Apala (Akpala) is a musical genre from Nigeria in the Yoruba tribal style to wake up the
worshippers after fasting during the Muslim holy feast of Ramadan. Percussion instrumentation
includes the rattle (sekere), thumb piano (agidigbo), bell (agogo), and two or three talking drums.
Axe is a popular musical genre from Salvador, Bahia, and Brazil. It fuses the AfroCaribbean
styles of the marcha, reggae, and calypso.
Jit is a hard and fast percussive Zimbabwean dance music played on drums with guitar
accompaniment, influenced by mbira-based guitar styles.
Jive is a popular form of South African music featuring a lively and uninhibited variation of the
jitterbug, a form of swing dance.
Juju is a popular music style from Nigeria that relies on the traditional Yoruba rhythms, where
the instruments in Juju are more Western in origin. A drum kit, keyboard, pedal steel guitar, and
accordion are used along with the traditional dun-dun (talking drum or squeeze drum).
Kwassa Kwassa is a dance style begun in Zaire in the late 1980s, popularized by Kanda Bongo
Man. In this dance style, the hips move back and forth while the arms move following the hips.

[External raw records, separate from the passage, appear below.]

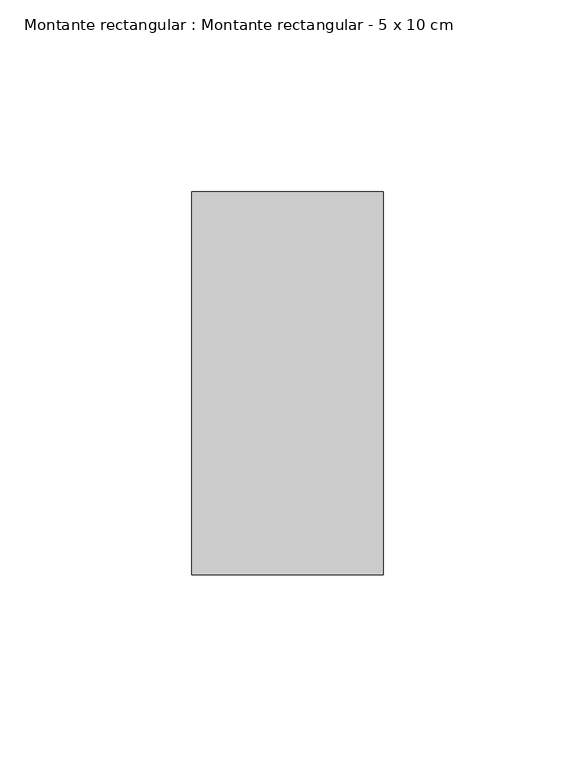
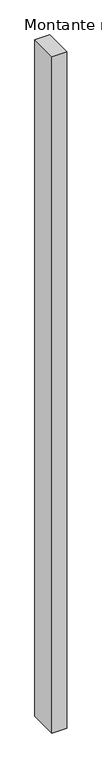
"""IFC4 building model written with IfcOpenShell, lengths in millimetres: member geometry, Montante rectangular : Montante rectangular - 5 x 10 cm."""

from ifc_helpers import new_model, si_unit, frame, origin, place, context, project, spatial, polyline, outline, extrude, source, transform, mapped, element, save


def montante_rectangular_montante_rectangular_5_x_10_cm_2a350028(model_context):
    return source(origin(), model_context, "Body", "SweptSolid", [
        extrude(outline(polyline([(25.0, 50.0), (25.0, -50.0), (-25.0, -50.0), (-25.0, 50.0), (25.0, 50.0)])), frame((0.0, 0.0, -2425.0), z_axis=(0.0, 0.0, 1.0), x_axis=(1.0, 0.0, 0.0)), (0.0, 0.0, 1.0), 2425.0),
    ])


if __name__ == "__main__":
    model = new_model("IFC4")
    model_context = context("Model", 3, world=origin())
    ifc_project = project(units=[si_unit("LENGTHUNIT", "METRE", prefix="MILLI")], contexts=[model_context])
    site = spatial("IfcSite", under=ifc_project)
    building = spatial("IfcBuilding", under=site)
    placement = place(None, origin())
    montante_rectangular_montante_rectangular_5_x_10_cm_shape = montante_rectangular_montante_rectangular_5_x_10_cm_2a350028(model_context)
    element("IfcMember", 1, ObjectType="Montante rectangular : Montante rectangular - 5 x 10 cm", at=placement, inside=building, context=model_context, shape_type="MappedRepresentation", body=[
        mapped(montante_rectangular_montante_rectangular_5_x_10_cm_shape, transform((0.0, 0.0, 0.0), x_axis=(1.0, 0.0, 0.0), y_axis=(0.0, 1.0, 0.0), z_axis=(0.0, 0.0, 1.0))),
    ])
    save(model, "model.ifc")
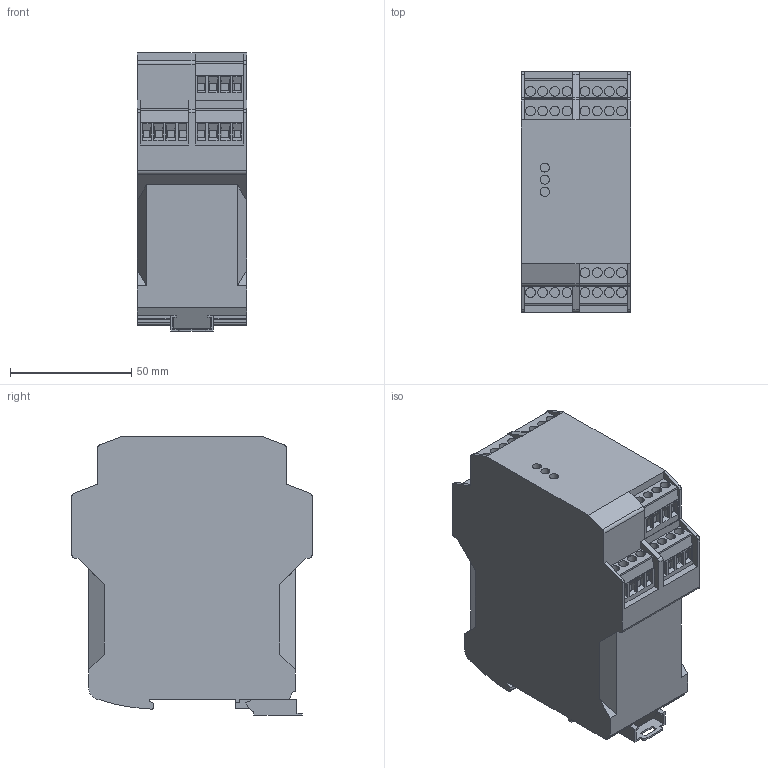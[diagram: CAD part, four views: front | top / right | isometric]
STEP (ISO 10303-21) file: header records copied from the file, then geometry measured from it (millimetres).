
FILE_DESCRIPTION( ( '' ), '1' );
FILE_NAME( '//partserver001.servicenet/client_exchange/iodir/jobs/output/wkb33062848_no0/STEP/118704_2_14b.stp', '2011-04-08T20:20:43', ( '' ), ( '' ), ' ', ' ', ' ' );
FILE_SCHEMA( ( 'automotive_design' ) );
Length unit declared in the file: millimetre
Products named in the file (1): 1
Bounding box: 45 x 99 x 114.5 mm (x, y, z)
Volume: 417481.5 mm3; surface area: 40879.8 mm2
Topology: 1 solids, 1 shells, 547 faces, 1410 edges, 922 vertices
Faces by surface type: plane 467, cylinder 80
Entity records: 32440 total; most frequent: STYLED_ITEM 2880, PRESENTATION_STYLE_ASSIGNMENT 2880, CARTESIAN_POINT 2880, COLOUR_RGB 2880, ORIENTED_EDGE 2820, DIRECTION 2666, EDGE_CURVE 1410, CURVE_STYLE 1410
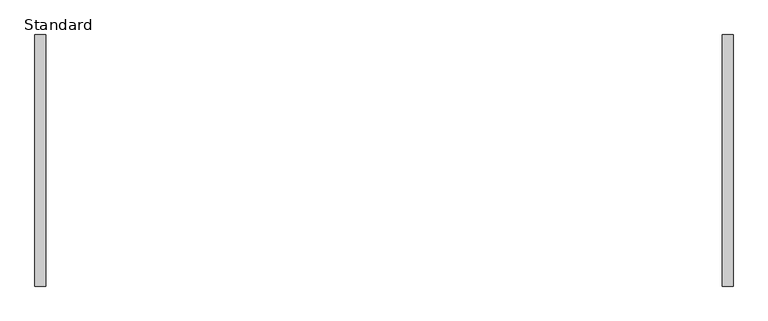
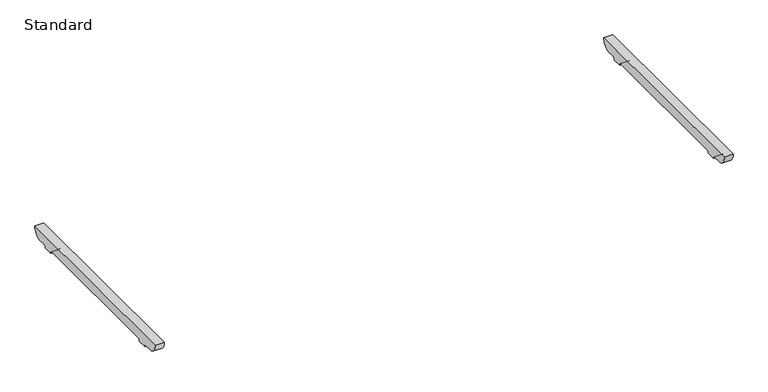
"""IFC4 building model written with IfcOpenShell, lengths in millimetres: furniture geometry, BDG_BossDesign_Tbls_AgentTables4Legs_Nested : Standard."""

from ifc_helpers import new_model, si_unit, point, frame, frame_2d, origin, place, context, project, spatial, polyline, circle_curve, trimmed, segment, composite_curve, outline, extrude, source, transform, mapped, element, save


def standard_7387f7f3(model_context):
    return source(origin(), model_context, "Body", "SweptSolid", [
        extrude(outline(composite_curve([segment(polyline([(480.5450184, 672.0), (442.7000122, 672.0)]), True, "CONTINUOUS"), segment(trimmed(circle_curve(frame_2d((442.7000122, 660.0)), 12.0), [point((442.7000122, 672.0))], [point((430.7000122, 660.0))], True, "CARTESIAN"), True, "CONTINUOUS"), segment(polyline([(430.7000122, 660.0), (385.7000122, 660.0)]), True, "CONTINUOUS"), segment(trimmed(circle_curve(frame_2d((373.7000122, 660.0)), 12.0), [point((385.7000122, 660.0))], [point((373.7000122, 672.0))], True, "CARTESIAN"), True, "CONTINUOUS"), segment(polyline([(373.7000122, 672.0), (-373.7000122, 672.0)]), True, "CONTINUOUS"), segment(trimmed(circle_curve(frame_2d((-373.7000122, 660.0)), 12.0), [point((-373.7000122, 672.0))], [point((-385.7000122, 660.0))], True, "CARTESIAN"), True, "CONTINUOUS"), segment(polyline([(-385.7000122, 660.0), (-430.7000122, 660.0)]), True, "CONTINUOUS"), segment(trimmed(circle_curve(frame_2d((-442.7000122, 660.0)), 12.0), [point((-430.7000122, 660.0))], [point((-442.7000122, 672.0))], True, "CARTESIAN"), True, "CONTINUOUS"), segment(polyline([(-442.7000122, 672.0), (-480.5450184, 672.0)]), True, "CONTINUOUS"), segment(trimmed(circle_curve(frame_2d((-478.2220439, 716.5514119)), 44.6119324), [point((-480.5450184, 672.0))], [point((-522.5, 722.0))], False, "CARTESIAN"), True, "CONTINUOUS"), segment(polyline([(-522.5, 722.0), (522.5, 722.0)]), True, "CONTINUOUS"), segment(trimmed(circle_curve(frame_2d((478.2220439, 716.5514119)), 44.6119324), [point((522.5, 722.0))], [point((480.5450184, 672.0))], False, "CARTESIAN"), True, "CONTINUOUS")], self_intersect=False)), frame((1405.0, 0.0, 0.0), z_axis=(1.0, 0.0, 0.0), x_axis=(0.0, 1.0, 0.0)), (0.0, 0.0, 1.0), 45.0),
        extrude(outline(composite_curve([segment(polyline([(480.5450184, 672.0), (442.7000122, 672.0)]), True, "CONTINUOUS"), segment(trimmed(circle_curve(frame_2d((442.7000122, 660.0)), 12.0), [point((442.7000122, 672.0))], [point((430.7000122, 660.0))], True, "CARTESIAN"), True, "CONTINUOUS"), segment(polyline([(430.7000122, 660.0), (385.7000122, 660.0)]), True, "CONTINUOUS"), segment(trimmed(circle_curve(frame_2d((373.7000122, 660.0)), 12.0), [point((385.7000122, 660.0))], [point((373.7000122, 672.0))], True, "CARTESIAN"), True, "CONTINUOUS"), segment(polyline([(373.7000122, 672.0), (-373.7000122, 672.0)]), True, "CONTINUOUS"), segment(trimmed(circle_curve(frame_2d((-373.7000122, 660.0)), 12.0), [point((-373.7000122, 672.0))], [point((-385.7000122, 660.0))], True, "CARTESIAN"), True, "CONTINUOUS"), segment(polyline([(-385.7000122, 660.0), (-430.7000122, 660.0)]), True, "CONTINUOUS"), segment(trimmed(circle_curve(frame_2d((-442.7000122, 660.0)), 12.0), [point((-430.7000122, 660.0))], [point((-442.7000122, 672.0))], True, "CARTESIAN"), True, "CONTINUOUS"), segment(polyline([(-442.7000122, 672.0), (-480.5450184, 672.0)]), True, "CONTINUOUS"), segment(trimmed(circle_curve(frame_2d((-478.2220439, 716.5514119)), 44.6119324), [point((-480.5450184, 672.0))], [point((-522.5, 722.0))], False, "CARTESIAN"), True, "CONTINUOUS"), segment(polyline([(-522.5, 722.0), (522.5, 722.0)]), True, "CONTINUOUS"), segment(trimmed(circle_curve(frame_2d((478.2220439, 716.5514119)), 44.6119324), [point((522.5, 722.0))], [point((480.5450184, 672.0))], False, "CARTESIAN"), True, "CONTINUOUS")], self_intersect=False)), frame((-1450.0, 0.0, 0.0), z_axis=(1.0, 0.0, 0.0), x_axis=(0.0, 1.0, 0.0)), (0.0, 0.0, 1.0), 45.0),
    ])


if __name__ == "__main__":
    model = new_model("IFC4")
    model_context = context("Model", 3, world=origin())
    ifc_project = project(units=[si_unit("LENGTHUNIT", "METRE", prefix="MILLI")], contexts=[model_context])
    site = spatial("IfcSite", under=ifc_project)
    building = spatial("IfcBuilding", under=site)
    placement = place(None, origin())
    standard_shape = standard_7387f7f3(model_context)
    element("IfcFurniture", 1, ObjectType="BDG_BossDesign_Tbls_AgentTables4Legs_Nested : Standard", at=placement, inside=building, context=model_context, shape_type="MappedRepresentation", body=[
        mapped(standard_shape, transform((0.0, 0.0, 0.0), x_axis=(1.0, 0.0, 0.0), y_axis=(0.0, 1.0, 0.0), z_axis=(0.0, 0.0, 1.0))),
    ])
    save(model, "model.ifc")
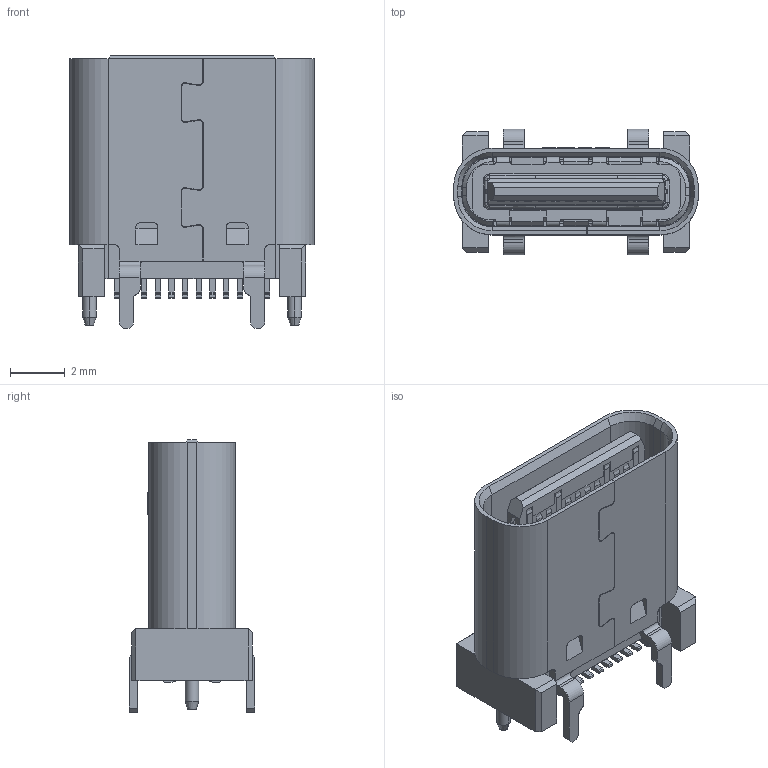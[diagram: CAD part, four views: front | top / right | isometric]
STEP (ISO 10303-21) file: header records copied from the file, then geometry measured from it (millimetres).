
FILE_DESCRIPTION (( 'STEP AP203' ), '1' );
FILE_NAME ('U5195-24PN8.8L.STEP', '2026-09-21T07:46:48', ( '' ), ( '' ), 'SwSTEP 2.0', 'SolidWorks 2024', '' );
FILE_SCHEMA (( 'CONFIG_CONTROL_DESIGN' ));
Length unit declared in the file: millimetre
Products named in the file (1): U5195-24PN8.8L
Bounding box: 8.94 x 4.6 x 9.95 mm (x, y, z)
Volume: 200.4 mm3; surface area: 1123.9 mm2
Topology: 30 solids, 30 shells, 2390 faces, 6927 edges, 4586 vertices
Faces by surface type: plane 1758, cylinder 565, bspline 29, cone 25, torus 13
Entity records: 80365 total; most frequent: CARTESIAN_POINT 17234, ORIENTED_EDGE 13854, DIRECTION 12168, EDGE_CURVE 6927, VECTOR 5390, LINE 5390, VERTEX_POINT 4586, AXIS2_PLACEMENT_3D 3389
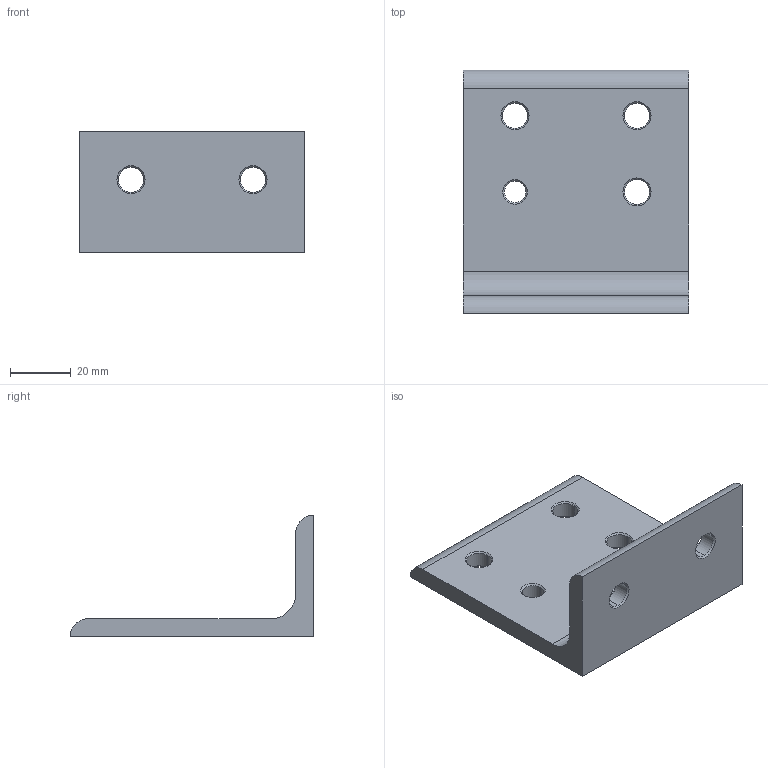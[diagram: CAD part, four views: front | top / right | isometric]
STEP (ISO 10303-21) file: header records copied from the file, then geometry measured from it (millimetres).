
FILE_DESCRIPTION (( 'STEP AP203' ), '1' );
FILE_NAME ('114080AL.STEP', '2017-04-27T10:36:42', ( '' ), ( '' ), 'SwSTEP 2.0', 'SolidWorks 2014', '' );
FILE_SCHEMA (( 'CONFIG_CONTROL_DESIGN' ));
Length unit declared in the file: millimetre
Products named in the file (1): 114080AL
Bounding box: 74 x 80 x 40 mm (x, y, z)
Volume: 48635.8 mm3; surface area: 18704.7 mm2
Topology: 1 solids, 1 shells, 45 faces, 105 edges, 62 vertices
Faces by surface type: cone 24, cylinder 15, plane 6
Entity records: 1382 total; most frequent: DIRECTION 251, CARTESIAN_POINT 213, ORIENTED_EDGE 210, EDGE_CURVE 105, AXIS2_PLACEMENT_3D 100, VERTEX_POINT 62, EDGE_LOOP 57, CIRCLE 54

Marabi is a South African three-chord township music of the 1930s-1960s which evolved into
African Jazz. Possessing a keyboard style combining American jazz, ragtime and blues with
African roots, it is characterized by simple chords in varying vamping patterns and repetitive
harmony over an extended period of time to allow the dancers more time on the dance floor.